# Help: new riders, bike for tall wife



## DR2000 (Jan 28, 2009)

Hello everyone!

My wife and I are very new at this and would much appreciate any advice. We started doing some cycling only about a month ago -- I was able to borrow a Cannodale XS800 from a friend and we bought a cheap used bike for my wife on Craigslist, which was a mistake. It seemed decent, but turned out to be really horrible compared to Cannondale and what's worst of all it's clearly a wrong size for her.

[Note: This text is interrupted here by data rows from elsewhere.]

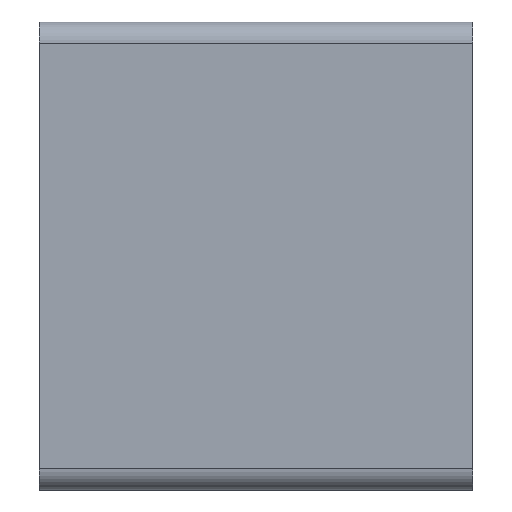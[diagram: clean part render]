
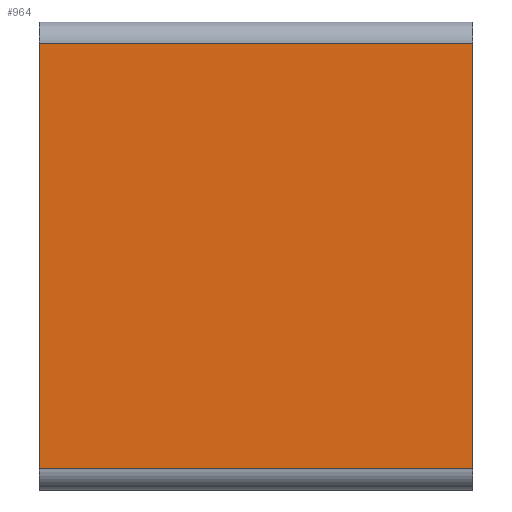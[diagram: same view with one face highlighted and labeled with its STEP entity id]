
A CAD part, left-side view. The second image highlights one B-rep face of the part: STEP entity #964.
In plain terms, the highlighted planar face has unit normal (-1, 0, 0).
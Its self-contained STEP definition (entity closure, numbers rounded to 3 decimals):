
#23=PLANE('',#1048);
#57=FACE_OUTER_BOUND('',#114,.T.);
#114=EDGE_LOOP('',(#690,#691,#692,#693));
#172=LINE('',#1456,#268);
#185=LINE('',#1504,#281);
#186=LINE('',#1508,#282);
#187=LINE('',#1509,#283);
#268=VECTOR('',#1150,10.);
#281=VECTOR('',#1191,10.);
#282=VECTOR('',#1196,10.);
#283=VECTOR('',#1197,10.);
#413=VERTEX_POINT('',#1453);
#414=VERTEX_POINT('',#1455);
#435=VERTEX_POINT('',#1503);
#436=VERTEX_POINT('',#1507);
#511=EDGE_CURVE('',#413,#414,#172,.F.);
#535=EDGE_CURVE('',#414,#435,#185,.T.);
#537=EDGE_CURVE('',#436,#413,#186,.T.);
#538=EDGE_CURVE('',#435,#436,#187,.F.);
#690=ORIENTED_EDGE('',*,*,#535,.F.);
#691=ORIENTED_EDGE('',*,*,#511,.F.);
#692=ORIENTED_EDGE('',*,*,#537,.F.);
#693=ORIENTED_EDGE('',*,*,#538,.F.);
#964=ADVANCED_FACE('',(#57),#23,.T.);
#1048=AXIS2_PLACEMENT_3D('',#1506,#1194,#1195);
#1150=DIRECTION('',(0.,0.,1.));
#1191=DIRECTION('',(0.,1.,0.));
#1194=DIRECTION('center_axis',(-1.,0.,0.));
#1195=DIRECTION('ref_axis',(0.,0.,1.));
#1196=DIRECTION('',(0.,-1.,0.));
#1197=DIRECTION('',(0.,0.,-1.));
#1453=CARTESIAN_POINT('',(-21.,-0.4,10.));
#1455=CARTESIAN_POINT('',(-21.,-0.4,-10.));
#1456=CARTESIAN_POINT('',(-21.,-0.4,-5.5));
#1503=CARTESIAN_POINT('',(-21.,20.,-10.));
#1504=CARTESIAN_POINT('',(-21.,0.,-10.));
#1506=CARTESIAN_POINT('Origin',(-21.,0.,-11.));
#1507=CARTESIAN_POINT('',(-21.,20.,10.));
#1508=CARTESIAN_POINT('',(-21.,0.,10.));
#1509=CARTESIAN_POINT('',(-21.,20.,-5.5));

My wife is 6 feet tall and her inseam measures at 34.5 inches. My cycling friend recommends that we get a man's bike for her with a frame of 56cm. Does that sound about right based on her size?

Also we have decided to buy something new in the range of $700-$800 if possible. I'd like to get at least Shimano 105 components, aluminum frame and carbon-fiber fork.

The only site that I found with bikes that I seem to like spec-wise and in our price range is http://bikesdirect.com/products/road_bikes.htm, but I don't think I heard of any of these brands before (not that I know much about bikes anyway and not sure if it even matters).

I think either a road bike or a cyclocross bike should work for us.

Do you think any of these would be a good start?
Windsor Knight
Windsor Falkirk
Mercier Corvus AL
Windsor Cyclo

She doesn't seem to like black color, but that's really a minor point. It seems like all the bikes above would be a good value for the money (judging based on my very limited knowledge).

I would appreciate any advice with regards to the size of the frame that we should pick and any advice on the brand, model and the source of the bike. I know that there is always eBay and Craigslist, but I'd like to get something new if possible.

Thank you for all your help.

Daniel


----------



## jorgy (Oct 21, 2005)

56 sounds about right. Have you visited your local shop or even a Performance bike? Shops should be willing to deal a bit on price, plus if you can find a leftover from last year, you may save quite a bit. Keep in mind that a shop will do things like swap out stems & bar and saddle as part of their service.

As to road vs. cyclocross, I have a 'cross bike for commuting and I definitely prefer my true road bike for road riding.

And don't be afraid of a well taken care of used bike.


----------



## il sogno (Jul 15, 2002)

Thing about bikesdirect is that when you get a bike like that in the mail you'll want to take it to your local bike shop and have them give it the once over to make sure all the nuts and bolts are tightened and in the right place. 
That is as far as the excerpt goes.